(Items from a dataset)
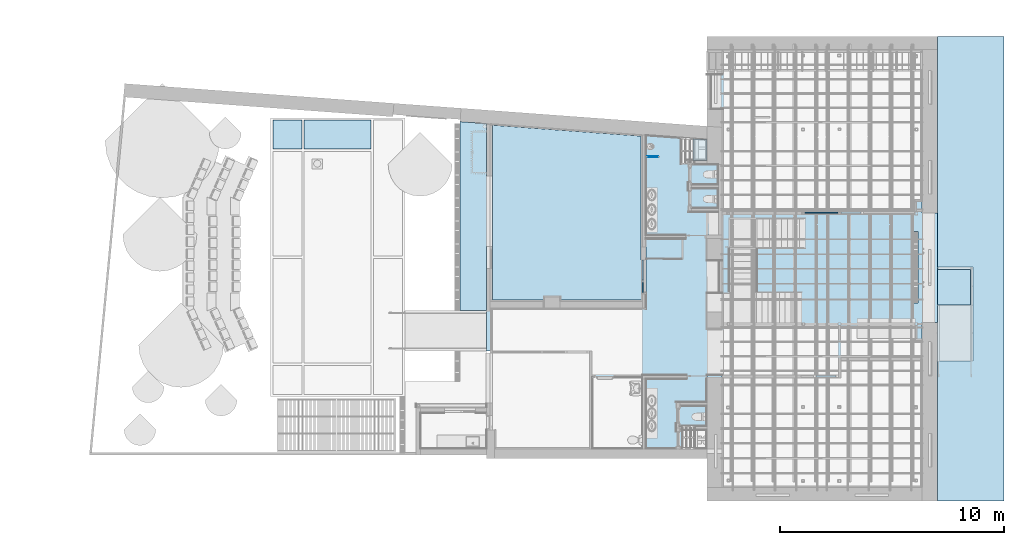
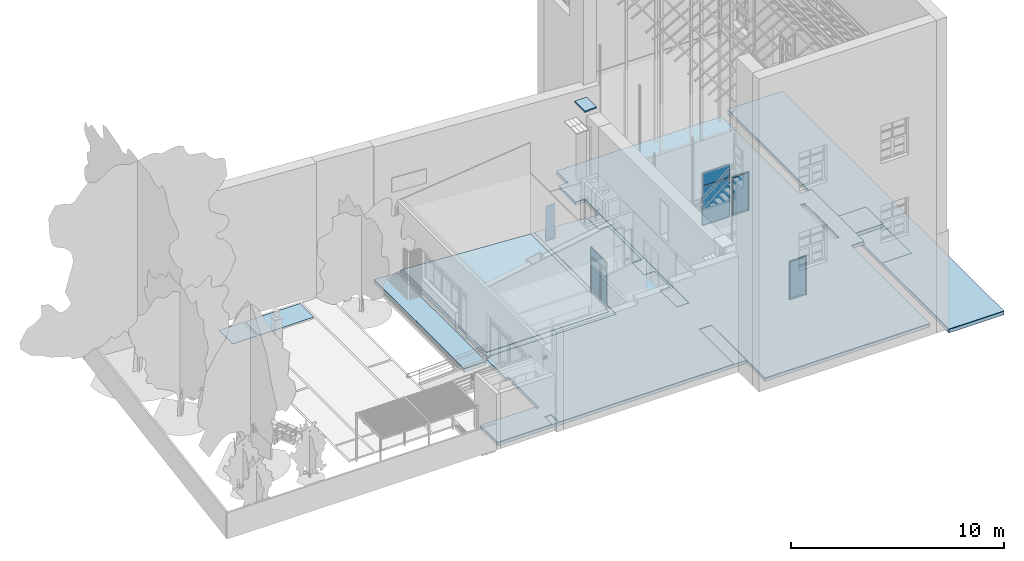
# One storey, part 31 of 75: 12 slabs, 8 plates, 2 openings, 6 elements without a shape of their own.
"""IFC2X3 building model written with IfcOpenShell, lengths in metres."""

import ifcopenshell
import ifcopenshell.guid

model = None  # the IFC model being written
_history = None  # IfcOwnerHistory: only IFC2X3 demands one
_inside = {}  # id of a spatial element -> (the spatial element, [elements in it])
_under = {}  # id of a project, library or spatial element -> (it, [spatial elements below it])
_declared = {}  # id of a project -> (the project, [libraries it declares])
_typed = {}  # id of a type object -> (the type object, [elements of that type])
_made_of = {}  # id of a material, layer set ... -> (it, [elements and type objects made of it])


def new_model(schema):
    """Start an empty IFC model of exactly this schema.

    Asked for "IFC4X3", IfcOpenShell would pick the latest addendum, in which some entities
    have other attributes; the version numbers below select the first issue.
    IFC2X3 requires an IfcOwnerHistory on every rooted entity: one is made here for all.
    """
    global model, _history
    if schema == "IFC4X3":
        model = ifcopenshell.file(schema_version=(4, 3, 0, 0))
    else:
        model = ifcopenshell.file(schema=schema)
    _inside.clear()
    _under.clear()
    _declared.clear()
    _typed.clear()
    _made_of.clear()
    _history = None
    if model.schema == "IFC2X3":
        org = make("IfcOrganization", Name="unknown")
        user = make(
            "IfcPersonAndOrganization",
            ThePerson=make("IfcPerson", FamilyName="unknown"),
            TheOrganization=org,
        )
        app = make(
            "IfcApplication",
            ApplicationDeveloper=org,
            Version="unknown",
            ApplicationFullName="unknown",
            ApplicationIdentifier="unknown",
        )
        _history = make(
            "IfcOwnerHistory",
            OwningUser=user,
            OwningApplication=app,
            ChangeAction="ADDED",
            CreationDate=0,
        )
    return model


def make(cls, **values):
    """One entity of the class cls with the attributes given. An attribute that is None is left unset."""
    return model.create_entity(
        cls, **{name: value for name, value in values.items() if value is not None}
    )


def entity(cls, *values):
    """Any entity or typed value of the class cls, its attributes in the order of the schema. None: left unset."""
    e = model.create_entity(cls)
    for i, value in enumerate(values):
        if value is not None:
            e[i] = value
    return e


def rooted(cls, **values):
    """An entity with a GlobalId (a new one), such as an element, a storey or a relation."""
    return make(cls, GlobalId=ifcopenshell.guid.new(), OwnerHistory=_history, **values)


def si_unit(unit_type, name, prefix=None):
    """IfcSIUnit, for example si_unit("LENGTHUNIT", "METRE", prefix="MILLI")."""
    return make("IfcSIUnit", UnitType=unit_type, Prefix=prefix, Name=name)


def converted_unit(unit_type, name, factor, base, dimensions=None, offset=None):
    """IfcConversionBasedUnit, such as the inch: factor (a typed value) times the base unit."""
    return make(
        "IfcConversionBasedUnit"
        if offset is None
        else "IfcConversionBasedUnitWithOffset",
        ConversionOffset=offset,
        Dimensions=None
        if dimensions is None
        else entity("IfcDimensionalExponents", *dimensions),
        UnitType=unit_type,
        Name=name,
        ConversionFactor=make(
            "IfcMeasureWithUnit", ValueComponent=factor, UnitComponent=base
        ),
    )


def derived_unit(unit_type, elements):
    """IfcDerivedUnit: a product of units, each with its exponent."""
    return make(
        "IfcDerivedUnit",
        Elements=[
            make("IfcDerivedUnitElement", Unit=unit, Exponent=power)
            for unit, power in elements
        ],
        UnitType=unit_type,
    )


def assignment(units):
    """IfcUnitAssignment: the units of a project."""
    return None if units is None else make("IfcUnitAssignment", Units=units)


def point(xyz):
    """IfcCartesianPoint."""
    return None if xyz is None else make("IfcCartesianPoint", Coordinates=xyz)


def direction(xyz):
    """IfcDirection."""
    return None if xyz is None else make("IfcDirection", DirectionRatios=xyz)


def frame(location, z_axis=None, x_axis=None):
    """IfcAxis2Placement3D, a coordinate frame: its origin and axes. An axis left out is left unset."""
    return make(
        "IfcAxis2Placement3D",
        Location=point(location),
        Axis=direction(z_axis),
        RefDirection=direction(x_axis),
    )


def frame_2d(location, x_axis=None):
    """IfcAxis2Placement2D, a coordinate frame in the plane: its origin and x axis."""
    return make(
        "IfcAxis2Placement2D", Location=point(location), RefDirection=direction(x_axis)
    )


def origin():
    """The frame at (0, 0, 0) with its axes left unset."""
    return frame((0.0, 0.0, 0.0))


def origin_2d_with_axis():
    """The frame at (0, 0) in the plane with the x axis (1, 0) written out."""
    return frame_2d((0.0, 0.0), x_axis=(1.0, 0.0))


def place(relative_to, where):
    """IfcLocalPlacement: puts the frame where relative to a parent placement (None: the world)."""
    return make(
        "IfcLocalPlacement", PlacementRelTo=relative_to, RelativePlacement=where
    )


def context(
    kind, dimensions, precision=None, world=None, true_north=None, identifier=None
):
    """IfcGeometricRepresentationContext, for example the 3D "Model" context."""
    return make(
        "IfcGeometricRepresentationContext",
        ContextIdentifier=identifier,
        ContextType=kind,
        CoordinateSpaceDimension=dimensions,
        Precision=precision,
        WorldCoordinateSystem=world,
        TrueNorth=true_north,
    )


def subcontext(parent, identifier, kind, view, scale=None):
    """IfcGeometricRepresentationSubContext, for example "Body" below "Model"."""
    return make(
        "IfcGeometricRepresentationSubContext",
        ContextIdentifier=identifier,
        ContextType=kind,
        ParentContext=parent,
        TargetScale=scale,
        TargetView=view,
    )


def project(units=None, contexts=None):
    """IfcProject with its units and contexts."""
    return rooted(
        "IfcProject",
        Name="project",
        RepresentationContexts=contexts,
        UnitsInContext=assignment(units),
    )


def spatial(cls, under=None, at=None, **own):
    """A site, building, storey or space (cls), placed at a placement, below another one or the project."""
    s = rooted(cls, ObjectPlacement=at, **own)
    if under is not None:
        _under.setdefault(under.id(), (under, []))[1].append(s)
    return s


def polyline(points):
    """IfcPolyline through the points."""
    return make("IfcPolyline", Points=[point(p) for p in points])


def profile(cls, at=None, kind="AREA", **sizes):
    """A parametric profile (cls). Its sizes go by their IFC names, for example OverallWidth=200.0."""
    return make(cls, ProfileType=kind, Position=at, **sizes)


def rectangle(**sizes):
    """IfcRectangleProfileDef."""
    return profile("IfcRectangleProfileDef", **sizes)


def outline(outer, holes=None, kind="AREA"):
    """IfcArbitraryClosedProfileDef: a profile drawn as a closed curve; with holes, ...WithVoids."""
    if holes is None:
        return make("IfcArbitraryClosedProfileDef", ProfileType=kind, OuterCurve=outer)
    return make(
        "IfcArbitraryProfileDefWithVoids",
        ProfileType=kind,
        OuterCurve=outer,
        InnerCurves=holes,
    )


def extrude(swept, where, along, depth):
    """IfcExtrudedAreaSolid: the profile swept, set in the frame where, extruded along a direction by depth."""
    return make(
        "IfcExtrudedAreaSolid",
        SweptArea=swept,
        Position=where,
        ExtrudedDirection=direction(along),
        Depth=depth,
    )


def shape(context_of_items, identifier, shape_type, items):
    """IfcShapeRepresentation: the items that make up one representation, for example the "Body"."""
    return make(
        "IfcShapeRepresentation",
        ContextOfItems=context_of_items,
        RepresentationIdentifier=identifier,
        RepresentationType=shape_type,
        Items=items,
    )


def source(mapping_origin, context_of_items, identifier, shape_type, items):
    """IfcRepresentationMap: a shape defined once, which mapped items show again and again."""
    return make(
        "IfcRepresentationMap",
        MappingOrigin=mapping_origin,
        MappedRepresentation=shape(context_of_items, identifier, shape_type, items),
    )


def transform(
    local_origin,
    x_axis=None,
    y_axis=None,
    z_axis=None,
    scale=None,
    scale2=None,
    scale3=None,
    uniform=True,
):
    """IfcCartesianTransformationOperator3D, or its non-uniform kind. x_axis, y_axis, z_axis: its Axis1, 2, 3."""
    if uniform:
        return make(
            "IfcCartesianTransformationOperator3D",
            Axis1=direction(x_axis),
            Axis2=direction(y_axis),
            LocalOrigin=point(local_origin),
            Scale=scale,
            Axis3=direction(z_axis),
        )
    return make(
        "IfcCartesianTransformationOperator3DnonUniform",
        Axis1=direction(x_axis),
        Axis2=direction(y_axis),
        LocalOrigin=point(local_origin),
        Scale=scale,
        Axis3=direction(z_axis),
        Scale2=scale2,
        Scale3=scale3,
    )


def mapped(mapping_source, mapping_target):
    """IfcMappedItem: shows the shape of a source again, moved by a transform."""
    return make(
        "IfcMappedItem", MappingSource=mapping_source, MappingTarget=mapping_target
    )


def material(Name=None, Category=None):
    """IfcMaterial."""
    return make("IfcMaterial", Name=Name, Category=Category)


def material_list(materials):
    """IfcMaterialList."""
    return make("IfcMaterialList", Materials=materials)


def layer(
    of_material, thickness, ventilated=None, Name=None, Category=None, Priority=None
):
    """IfcMaterialLayer: one layer of a wall or slab, of a material (None: an air gap)."""
    return make(
        "IfcMaterialLayer",
        Material=of_material,
        LayerThickness=thickness,
        IsVentilated=ventilated,
        Name=Name,
        Category=Category,
        Priority=Priority,
    )


def layer_set(layers, Name=None):
    """IfcMaterialLayerSet."""
    return make("IfcMaterialLayerSet", MaterialLayers=layers, LayerSetName=Name)


def layer_usage(for_layer_set, set_direction, sense, offset, extent=None):
    """IfcMaterialLayerSetUsage: how a layer set lies in its element."""
    return make(
        "IfcMaterialLayerSetUsage",
        ForLayerSet=for_layer_set,
        LayerSetDirection=set_direction,
        DirectionSense=sense,
        OffsetFromReferenceLine=offset,
        ReferenceExtent=extent,
    )


def made_of(thing, what):
    """Note that an element or type object is made of a material, layer set ...; save() writes the relation."""
    if what is not None:
        _made_of.setdefault(what.id(), (what, []))[1].append(thing)
    return thing


def type_object(cls, material=None, **own):
    """A type object (cls), such as IfcWallType, which elements share."""
    return made_of(rooted(cls, **own), material)


def type_shapes(of_type, sources):
    """Give a type object the sources (RepresentationMaps) that its elements show as mapped items."""
    of_type.RepresentationMaps = sources


def element(
    cls,
    number,
    at=None,
    inside=None,
    cuts=None,
    type_object=None,
    material=None,
    context=None,
    identifier="Body",
    shape_type=None,
    held_by="IfcProductDefinitionShape",
    body=None,
    shapes=None,
    **own,
):
    """One element of the class cls, such as IfcWall. Its Tag is "e" and its number.

    at: its placement. inside: the storey or other place that contains it. cuts: it is an
    opening in that element (IfcRelVoidsElement). A single representation is given by context,
    identifier, shape_type and body (its items); several are given by shapes. held_by: the class
    of the entity that holds the representations. save() writes the other relations.
    """
    e = rooted(cls, Tag="e%d" % number, ObjectPlacement=at, **own)
    if body is not None:
        shapes = [shape(context, identifier, shape_type, body)]
    if shapes is not None:
        e.Representation = make(held_by, Representations=shapes)
    if inside is not None:
        _inside.setdefault(inside.id(), (inside, []))[1].append(e)
    if cuts is not None:
        rooted(
            "IfcRelVoidsElement", RelatingBuildingElement=cuts, RelatedOpeningElement=e
        )
    if type_object is not None:
        _typed.setdefault(type_object.id(), (type_object, []))[1].append(e)
    return made_of(e, material)


def aggregate(whole, parts):
    """IfcRelAggregates: a whole, such as a stair, and the parts it consists of."""
    return rooted("IfcRelAggregates", RelatingObject=whole, RelatedObjects=parts)


def save(model, path):
    """Write the relations noted so far, then the file.

    IfcRelAggregates (storeys below a building ...), IfcRelContainedInSpatialStructure (elements
    in a storey), IfcRelDefinesByType, IfcRelAssociatesMaterial and IfcRelDeclares: one each for
    every whole, place, type object, material and project.
    """
    for whole, parts in _under.values():
        aggregate(whole, parts)
    for where, things in _inside.values():
        rooted(
            "IfcRelContainedInSpatialStructure",
            RelatedElements=things,
            RelatingStructure=where,
        )
    for kind, things in _typed.values():
        rooted("IfcRelDefinesByType", RelatedObjects=things, RelatingType=kind)
    for what, things in _made_of.values():
        rooted("IfcRelAssociatesMaterial", RelatedObjects=things, RelatingMaterial=what)
    for by, libraries in _declared.values():
        rooted("IfcRelDeclares", RelatingContext=by, RelatedDefinitions=libraries)
    model.write(path)


model = new_model("IFC2X3")

# Units and contexts
model_context = context("Model", 3, precision=1e-05, world=origin(), true_north=direction((6.12303176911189e-17, 1.0)))
body_context = subcontext(model_context, "Body", "Model", "MODEL_VIEW")
ifc_project = project(units=[si_unit("LENGTHUNIT", "METRE"), si_unit("AREAUNIT", "SQUARE_METRE"), si_unit("VOLUMEUNIT", "CUBIC_METRE"), converted_unit("PLANEANGLEUNIT", "DEGREE", entity("IfcRatioMeasure", 0.0174532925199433), si_unit("PLANEANGLEUNIT", "RADIAN"), dimensions=[0, 0, 0, 0, 0, 0, 0]), si_unit("MASSUNIT", "GRAM", prefix="KILO"), derived_unit("MASSDENSITYUNIT", [(si_unit("MASSUNIT", "GRAM", prefix="KILO"), 1), (si_unit("LENGTHUNIT", "METRE"), -3)]), derived_unit("MOMENTOFINERTIAUNIT", [(si_unit("LENGTHUNIT", "METRE"), 4)]), si_unit("TIMEUNIT", "SECOND"), si_unit("FREQUENCYUNIT", "HERTZ"), si_unit("THERMODYNAMICTEMPERATUREUNIT", "DEGREE_CELSIUS"), derived_unit("THERMALTRANSMITTANCEUNIT", [(si_unit("MASSUNIT", "GRAM", prefix="KILO"), 1), (si_unit("THERMODYNAMICTEMPERATUREUNIT", "KELVIN"), -1), (si_unit("TIMEUNIT", "SECOND"), -3)]), derived_unit("VOLUMETRICFLOWRATEUNIT", [(si_unit("LENGTHUNIT", "METRE"), 3), (si_unit("TIMEUNIT", "SECOND"), -1)]), si_unit("ELECTRICCURRENTUNIT", "AMPERE"), si_unit("ELECTRICVOLTAGEUNIT", "VOLT"), si_unit("POWERUNIT", "WATT"), si_unit("FORCEUNIT", "NEWTON", prefix="KILO"), si_unit("ILLUMINANCEUNIT", "LUX"), si_unit("LUMINOUSFLUXUNIT", "LUMEN"), si_unit("LUMINOUSINTENSITYUNIT", "CANDELA"), derived_unit("USERDEFINED", [(si_unit("MASSUNIT", "GRAM", prefix="KILO"), -1), (si_unit("LENGTHUNIT", "METRE"), -2), (si_unit("TIMEUNIT", "SECOND"), 3), (si_unit("LUMINOUSFLUXUNIT", "LUMEN"), 1)]), derived_unit("LINEARVELOCITYUNIT", [(si_unit("LENGTHUNIT", "METRE"), 1), (si_unit("TIMEUNIT", "SECOND"), -1)]), si_unit("PRESSUREUNIT", "PASCAL"), derived_unit("USERDEFINED", [(si_unit("LENGTHUNIT", "METRE"), -2), (si_unit("MASSUNIT", "GRAM", prefix="KILO"), 1), (si_unit("TIMEUNIT", "SECOND"), -2)]), derived_unit("LINEARFORCEUNIT", [(si_unit("MASSUNIT", "GRAM", prefix="KILO"), 1), (si_unit("LENGTHUNIT", "METRE"), 1), (si_unit("TIMEUNIT", "SECOND"), -2), (si_unit("LENGTHUNIT", "METRE"), -1)]), derived_unit("PLANARFORCEUNIT", [(si_unit("MASSUNIT", "GRAM", prefix="KILO"), 1), (si_unit("LENGTHUNIT", "METRE"), 1), (si_unit("TIMEUNIT", "SECOND"), -2), (si_unit("LENGTHUNIT", "METRE"), -2)])], contexts=[model_context])

# Site, building, storey
site_placement = place(None, origin())
site = spatial("IfcSite", under=ifc_project, at=site_placement, Name="Superficie", CompositionType="ELEMENT")
building_placement = place(site_placement, origin())
building = spatial("IfcBuilding", under=site, at=building_placement, Name="Telegestiones", CompositionType="ELEMENT")
storey_placement = place(building_placement, origin())
storey = spatial("IfcBuildingStorey", under=building, at=storey_placement, Name="Nivel 0_NPT", CompositionType="ELEMENT", Elevation=0.0)

# Slab, opening
ifc_material_1 = material(Name="Suelo por defecto")
ifc_layer_1 = layer(ifc_material_1, 0.18)
ifc_layer_set_1 = layer_set([ifc_layer_1], Name="Suelo:ARQ-SU-18 HoA")
ifc_layer_usage_1 = layer_usage(ifc_layer_set_1, "AXIS3", "POSITIVE", 0.0)
slab_type_1 = type_object("IfcSlabType", Name="Suelo:ARQ-SU-18 HoA", PredefinedType="FLOOR", material=ifc_layer_set_1)
slab_1_placement = place(storey_placement, frame((-7.44518737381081, -5.8063671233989, -0.2)))
slab_1 = element("IfcSlab", 1, at=slab_1_placement, inside=storey, type_object=slab_type_1, material=ifc_layer_usage_1, Name="Suelo:ARQ-SU-18 HoA", ObjectType="Suelo:ARQ-SU-18 HoA", PredefinedType="FLOOR", context=body_context, shape_type="SweptSolid", body=[
    extrude(outline(polyline([(-10.865, 9.77498717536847), (-10.865, 2.48998713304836), (-11.5449999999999, 2.48998713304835), (-11.5449999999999, -2.41001286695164), (-10.865, -2.41001286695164), (-10.865, -9.77498717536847), (-1.93447715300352, -9.7749871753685), (-1.93447715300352, -8.0550128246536), (8.22500000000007, -8.0550128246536), (11.545, -8.05501282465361), (11.545, -6.43501282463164), (8.58499999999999, -6.43501282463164), (8.58499999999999, -6.5550128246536), (8.43500000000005, -6.5550128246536), (8.43500000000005, -3.67473216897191), (8.58500000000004, -3.67473216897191), (8.58500000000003, -1.87501282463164), (8.43500000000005, -1.87501282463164), (8.43500000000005, -1.65962417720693), (8.43500000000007, 6.46391269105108), (-1.93447715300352, 5.70481248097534), (-1.93447715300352, 7.13998717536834), (-1.44947715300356, 7.13998717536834), (-1.44947715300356, 8.65998717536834), (-1.93447715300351, 8.65998717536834), (-1.93447715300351, 9.77498717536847), (-10.865, 9.77498717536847)])), frame((11.545, 9.7749871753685, 0.18), z_axis=(0.0, 0.0, -1.0), x_axis=(-1.0, 0.0, 0.0)), (0.0, 0.0, 1.0), 0.18),
])
opening_1_placement = place(slab_1_placement, frame((22.1172565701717, 9.83040390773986, 0.18)))
element("IfcOpeningElement", 2, at=opening_1_placement, cuts=slab_1, Name="Suelo:ARQ-SU-18 HoA:2", ObjectType="Opening", context=body_context, shape_type="SweptSolid", body=[
    extrude(rectangle(XDim=0.239999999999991, YDim=3.2, at=origin_2d_with_axis()), frame((0.0, 0.0, 0.0), z_axis=(0.0, 0.0, -1.0), x_axis=(-1.0, 0.0, 0.0)), (0.0, 0.0, 1.0), 0.18),
])

ifc_material_2 = material(Name="Porcelanato 60x60")
ifc_layer_2 = layer(ifc_material_2, 0.02)
ifc_layer_set_2 = layer_set([ifc_layer_2], Name="Suelo:ARQ-SU-2-Cer")
ifc_layer_usage_2 = layer_usage(ifc_layer_set_2, "AXIS3", "POSITIVE", 0.0)
slab_type_2 = type_object("IfcSlabType", Name="Suelo:ARQ-SU-2-Cer", PredefinedType="FLOOR", material=ifc_layer_set_2)
slab_2_placement = place(storey_placement, origin())
slab_2 = element("IfcSlab", 3, at=slab_2_placement, inside=storey, type_object=slab_type_2, material=ifc_layer_usage_2, Name="Suelo:ARQ-SU-2-Cer", ObjectType="Suelo:ARQ-SU-2-Cer", PredefinedType="FLOOR", context=body_context, shape_type="SweptSolid", body=[
    extrude(outline(polyline([(-1.93447715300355, 9.77498717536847), (-10.865, 9.77498717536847), (-10.865, 2.48998713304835), (-11.5449999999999, 2.48998713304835), (-11.5449999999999, -2.41001286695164), (-10.865, -2.41001286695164), (-10.865, -9.77498717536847), (-1.93447715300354, -9.77498717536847), (-1.93447715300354, -4.77508299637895), (-1.25447715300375, -4.77508299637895), (-1.25447715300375, -8.05501282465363), (8.22500000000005, -8.05501282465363), (8.22500000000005, -7.3550128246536), (8.58499999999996, -7.3550128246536), (8.58499999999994, -8.0550128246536), (11.5449999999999, -8.05501282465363), (11.5449999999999, -6.43501282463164), (8.58499999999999, -6.43501282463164), (8.58500000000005, -6.55501282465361), (8.43500000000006, -6.55501282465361), (8.43500000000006, -3.67501282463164), (8.58500000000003, -3.67501282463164), (8.58500000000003, -1.87501282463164), (8.43500000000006, -1.87501282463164), (8.43500000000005, -1.7640355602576), (1.47500000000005, -1.7640355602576), (1.47500000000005, 5.95440412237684), (-1.25447715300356, 5.75459205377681), (-1.25447715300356, 4.65498717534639), (-1.76447715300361, 4.65498717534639), (-1.7644771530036, 1.49498717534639), (-1.25447715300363, 1.49498717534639), (-1.25447715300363, 0.364987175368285), (-1.81447715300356, 0.364987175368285), (-1.81447715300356, -1.09501282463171), (-1.25447715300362, -1.09501282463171), (-1.25447715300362, -2.67501282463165), (-1.93447715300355, -2.67501282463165), (-1.93447715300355, 7.11498717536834), (-1.42447715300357, 7.11498717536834), (-1.42447715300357, 8.68498717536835), (-1.93447715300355, 8.68498717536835), (-1.93447715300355, 9.77498717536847)])), frame((4.09981262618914, 3.9686200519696, 0.0), z_axis=(0.0, 0.0, -1.0), x_axis=(-1.0, 0.0, 0.0)), (0.0, 0.0, 1.0), 0.02),
])
opening_2_placement = place(slab_2_placement, frame((14.6720691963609, 4.02403678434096, 0.0)))
element("IfcOpeningElement", 4, at=opening_2_placement, cuts=slab_2, Name="Suelo:ARQ-SU-2-Cer:2", ObjectType="Opening", context=body_context, shape_type="SweptSolid", body=[
    extrude(rectangle(XDim=3.2, YDim=0.240000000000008, at=origin_2d_with_axis()), frame((0.0, 0.0, 0.0), z_axis=(0.0, 0.0, 1.0), x_axis=(0.0, -1.0, 0.0)), (0.0, 0.0, -1.0), 0.02),
])

# Slabs
ifc_layer_usage_3 = layer_usage(ifc_layer_set_2, "AXIS3", "POSITIVE", 0.0)
slab_type_3 = type_object("IfcSlabType", Name="Suelo:ARQ-SU-2-Cer", PredefinedType="FLOOR", material=ifc_layer_set_2)
slab_3_placement = place(storey_placement, origin())
element("IfcSlab", 5, at=slab_3_placement, inside=storey, type_object=slab_type_3, material=ifc_layer_usage_3, Name="Suelo:ARQ-SU-2-Cer", ObjectType="Suelo:ARQ-SU-2-Cer", PredefinedType="FLOOR", context=body_context, shape_type="SweptSolid", body=[
    extrude(outline(polyline([(-2.42474056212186, -5.04314852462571), (5.39575336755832, -5.04314852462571), (4.90874852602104, 1.60944557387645), (-0.630721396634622, 1.60944557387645), (-0.630721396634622, 1.81685147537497), (-2.0967889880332, 1.81685147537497), (-2.0967889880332, 1.61685147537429), (-2.42474056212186, 1.61685147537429), (-2.42474056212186, -5.04314852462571)])), frame((0.807961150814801, 4.97932505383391, 0.0), z_axis=(0.0, 0.0, -1.0), x_axis=(0.0, 1.0, 0.0)), (0.0, 0.0, 1.0), 0.02),
])
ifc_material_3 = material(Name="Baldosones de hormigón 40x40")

# [YOUR GOAL]
Omit every picture, and please return the entries exactly from the first line through the line with "IFC2X3 demands one", both included.

# [EXERCISE ANSWER]
# One storey, part 31 of 75: 12 slabs, 8 plates, 2 openings, 6 elements without a shape of their own.
"""IFC2X3 building model written with IfcOpenShell, lengths in metres."""

import ifcopenshell
import ifcopenshell.guid

model = None  # the IFC model being written
_history = None  # IfcOwnerHistory: only IFC2X3 demands one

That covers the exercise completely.